◆ **GOAL OF THE EXERCISE**
From the entries, copy each line that includes "drawing".

◆ **MATERIAL PROVIDED**
......

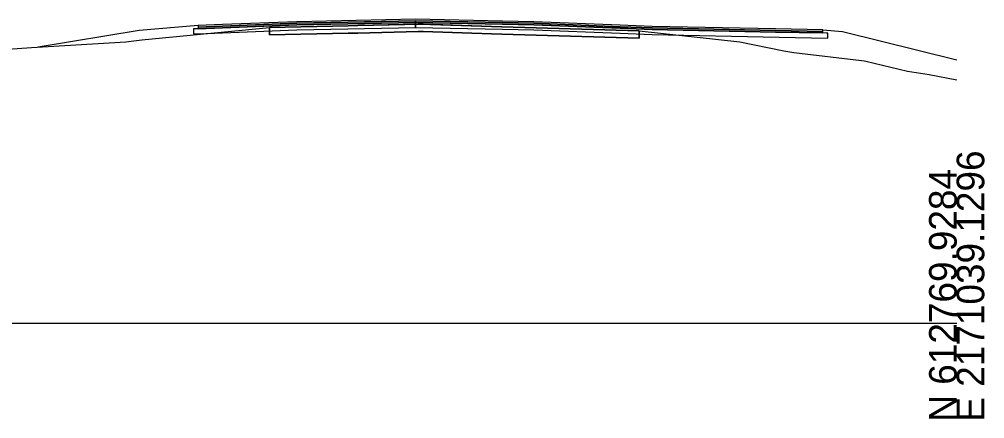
# Model space of a CAD drawing. Extents: x -26 to 1303, y -3010 to 12038.
# Drawn here: x 205 to 302.8, y 6990.3 to 7030.8 of the extents above; entities that cross this region are included whole.
import ezdxf

# ---------------------------------------------------------------- set-up
doc = ezdxf.new("R2010")
doc.units = 0
for name, color, linetype in [('RD_GPK_XS_Cell', 7, 'Continuous'), ('RD_XS_Base', 7, 'Continuous'), ('RD_XS_ExGround', 7, 'Continuous'), ('RD_XS_ExPaveRet', 7, 'Continuous'), ('RD_XS_Greenside', 7, 'Continuous'), ('RD_XS_Pave', 7, 'Continuous'), ('RD_XS_PaveOvlay_CP', 7, 'Continuous'), ('RD_XS_TieSlope', 7, 'Continuous')]:
    doc.layers.add(name, color=color, linetype=linetype)

msp = doc.modelspace()

# ---------------------------------------------------------------- linework, layer by layer
at = {"layer": 'RD_GPK_XS_Cell'}
msp.add_line((150, 7000), (300, 7000), dxfattribs=at)
at = {"layer": 'RD_XS_Base'}
for p, q in [((222.754, 7029.801), (222.632, 7029.796)), ((222.632, 7029.796), (222.632, 7029.418)), ((223.132, 7029.816), (222.754, 7029.801)), ((225.579, 7029.914), (223.132, 7029.816)), ((233.133, 7030.216), (225.579, 7029.914)), ((225.579, 7029.414), (233.133, 7029.716)), ((245.133, 7030.456), (233.133, 7030.216)), ((233.133, 7029.716), (245.133, 7029.956)), ((245.133, 7030.497), (245.133, 7030.615)), ((245.133, 7030.615), (245.133, 7030.127)), ((245.133, 7030.456), (245.133, 7030.497)), ((245.133, 7030.456), (245.133, 7030.456)), ((253.963, 7030.28), (245.133, 7030.456)), ((245.133, 7030.456), (245.133, 7030.456)), ((245.133, 7030.086), (245.133, 7030.456)), ((245.133, 7030.127), (245.133, 7029.956)), ((245.133, 7029.956), (245.133, 7030.086)), ((245.133, 7029.956), (253.963, 7029.78)), ((257.133, 7030.216), (253.963, 7030.28)), ((253.963, 7029.78), (257.133, 7029.716)), ((265.894, 7029.866), (257.133, 7030.216)), ((257.133, 7029.716), (265.894, 7029.366)), ((269.133, 7029.736), (265.894, 7029.866)), ((281.633, 7029.486), (269.133, 7029.736)), ((222.632, 7029.418), (222.632, 7029.296)), ((222.632, 7029.296), (222.754, 7029.301)), ((222.754, 7029.301), (223.132, 7029.316)), ((223.132, 7029.316), (225.579, 7029.414)), ((265.894, 7029.366), (269.133, 7029.236)), ((269.133, 7029.236), (281.991, 7028.979)), ((286.433, 7029.39), (281.633, 7029.486)), ((281.991, 7028.979), (286.933, 7028.88)), ((286.793, 7029.383), (286.433, 7029.39)), ((286.933, 7029.38), (286.793, 7029.383)), ((286.933, 7029.02), (286.933, 7029.38)), ((286.933, 7028.88), (286.933, 7029.02))]:
    msp.add_line(p, q, dxfattribs=at)
at = {"layer": 'RD_XS_ExGround'}
msp.add_lwpolyline([(200.851, 7027.559), (206.207, 7027.905), (215.783, 7028.496), (217.416, 7028.681), (230.354, 7029.952), (239.29, 7030.137), (245.656, 7030.29), (252.848, 7030.057), (267.804, 7029.613), (275.869, 7028.74), (278.028, 7028.501), (282.465, 7027.591), (283.499, 7027.409), (290.338, 7026.617), (290.624, 7026.575), (290.8, 7026.529), (295.011, 7025.519), (297.204, 7025.199), (300, 7024.631)], dxfattribs=at)
at = {"layer": 'RD_XS_ExPaveRet'}
msp.add_line((253.892, 7030.026), (252.848, 7030.057), dxfattribs=at)
for points in [[(267.805, 7029.613), (267.805, 7029.613), (267.805, 7029.588), (267.805, 7028.863), (267.805, 7028.863), (267.804, 7028.863), (253.892, 7029.276), (252.848, 7029.307), (245.932, 7029.531), (245.656, 7029.54), (245.406, 7029.534), (239.29, 7029.387), (238.31, 7029.367), (230.354, 7029.202), (230.354, 7029.879), (230.354, 7029.952), (238.31, 7030.117), (239.29, 7030.137), (245.406, 7030.284), (245.656, 7030.29), (245.932, 7030.281), (252.848, 7030.057), (253.892, 7030.026), (267.804, 7029.613), (267.805, 7029.613)], [(238.31, 7030.117), (230.354, 7029.952), (230.354, 7029.879), (230.354, 7029.202), (238.31, 7029.367), (239.29, 7029.387), (245.406, 7029.534), (245.656, 7029.54), (245.932, 7029.531), (252.848, 7029.307), (253.892, 7029.276), (267.804, 7028.863), (267.805, 7028.863), (267.805, 7029.588), (267.805, 7029.613)], [(245.406, 7030.284), (239.29, 7030.137), (238.31, 7030.117)], [(252.848, 7030.057), (245.932, 7030.281), (245.656, 7030.29), (245.406, 7030.284)], [(267.805, 7029.613), (267.804, 7029.613), (253.892, 7030.026)]]:
    msp.add_lwpolyline(points, dxfattribs=at)
at = {"layer": 'RD_XS_Greenside'}
for p, q in [((217.132, 7029.654), (206.885, 7027.947)), ((288.433, 7029.548), (300, 7026.656))]:
    msp.add_line(p, q, dxfattribs=at)
at = {"layer": 'RD_XS_Pave'}
for p, q in [((245.133, 7030.774), (233.133, 7030.534)), ((253.963, 7030.598), (245.133, 7030.774)), ((225.579, 7030.232), (223.132, 7030.134)), ((223.132, 7030.134), (223.132, 7030.014)), ((225.579, 7030.073), (223.132, 7029.975)), ((223.132, 7029.975), (225.579, 7030.073)), ((223.132, 7030.014), (223.132, 7029.975)), ((223.132, 7029.975), (223.132, 7029.855)), ((223.132, 7029.816), (225.579, 7029.914)), ((223.132, 7029.855), (223.132, 7029.816)), ((233.133, 7030.534), (225.579, 7030.232)), ((233.133, 7030.375), (225.579, 7030.073)), ((225.579, 7030.073), (233.133, 7030.375)), ((225.579, 7029.914), (233.133, 7030.216)), ((245.133, 7030.615), (233.133, 7030.375)), ((233.133, 7030.375), (245.133, 7030.615)), ((233.133, 7030.216), (245.133, 7030.456)), ((245.133, 7030.497), (245.133, 7030.615)), ((245.133, 7030.615), (253.963, 7030.439)), ((253.963, 7030.439), (245.133, 7030.615)), ((245.133, 7030.615), (245.133, 7030.615)), ((245.133, 7030.615), (245.133, 7030.615)), ((245.133, 7030.615), (245.133, 7030.497)), ((245.133, 7030.456), (245.133, 7030.497)), ((245.133, 7030.497), (245.133, 7030.456)), ((245.133, 7030.456), (245.133, 7030.456)), ((245.133, 7030.456), (245.133, 7030.456)), ((245.133, 7030.456), (253.963, 7030.28)), ((257.133, 7030.534), (253.963, 7030.598)), ((253.963, 7030.439), (257.133, 7030.375)), ((257.133, 7030.375), (253.963, 7030.439)), ((253.963, 7030.28), (257.133, 7030.216)), ((265.894, 7030.184), (257.133, 7030.534)), ((257.133, 7030.375), (265.894, 7030.025)), ((265.894, 7030.025), (257.133, 7030.375)), ((257.133, 7030.216), (265.894, 7029.866)), ((269.133, 7030.054), (265.894, 7030.184)), ((265.894, 7030.025), (269.133, 7029.895)), ((269.133, 7029.895), (265.894, 7030.025)), ((265.894, 7029.866), (269.133, 7029.736)), ((281.633, 7029.804), (269.133, 7030.054)), ((269.133, 7029.895), (281.633, 7029.645)), ((281.633, 7029.645), (269.133, 7029.895)), ((269.133, 7029.736), (281.633, 7029.486)), ((286.433, 7029.708), (281.633, 7029.804)), ((281.633, 7029.645), (286.433, 7029.549)), ((286.433, 7029.549), (281.633, 7029.645)), ((281.633, 7029.486), (286.433, 7029.39)), ((286.433, 7029.593), (286.433, 7029.708)), ((286.433, 7029.549), (286.433, 7029.593)), ((286.433, 7029.434), (286.433, 7029.549)), ((286.433, 7029.39), (286.433, 7029.434))]:
    msp.add_line(p, q, dxfattribs=at)
at = {"layer": 'RD_XS_PaveOvlay_CP'}
for p, q in [((245.133, 7030.774), (233.133, 7030.534)), ((253.963, 7030.598), (245.133, 7030.774)), ((225.579, 7030.232), (223.132, 7030.134)), ((233.133, 7030.534), (225.579, 7030.232)), ((257.133, 7030.534), (253.963, 7030.598)), ((265.894, 7030.184), (257.133, 7030.534)), ((269.133, 7030.054), (265.894, 7030.184)), ((281.633, 7029.804), (269.133, 7030.054)), ((286.433, 7029.708), (281.633, 7029.804))]:
    msp.add_line(p, q, dxfattribs=at)
at = {"layer": 'RD_XS_TieSlope'}
for p, q in [((223.132, 7030.134), (217.132, 7029.654)), ((286.433, 7029.708), (288.433, 7029.548))]:
    msp.add_line(p, q, dxfattribs=at)

# ---------------------------------------------------------------- texts
at = {"layer": 'RD_GPK_XS_Cell'}
for s, p in [('E 2171039.1296', (302.8, 6990)), ('N 612769.9284', (300, 6990))]:
    msp.add_text(s, height=2.8, rotation=90, dxfattribs=at).set_placement(p)

doc.saveas('drawing.dxf')

......

◆ **SOLUTION FOR THIS EXERCISE**
# Model space of a CAD drawing. Extents: x -26 to 1303, y -3010 to 12038.
doc.saveas('drawing.dxf')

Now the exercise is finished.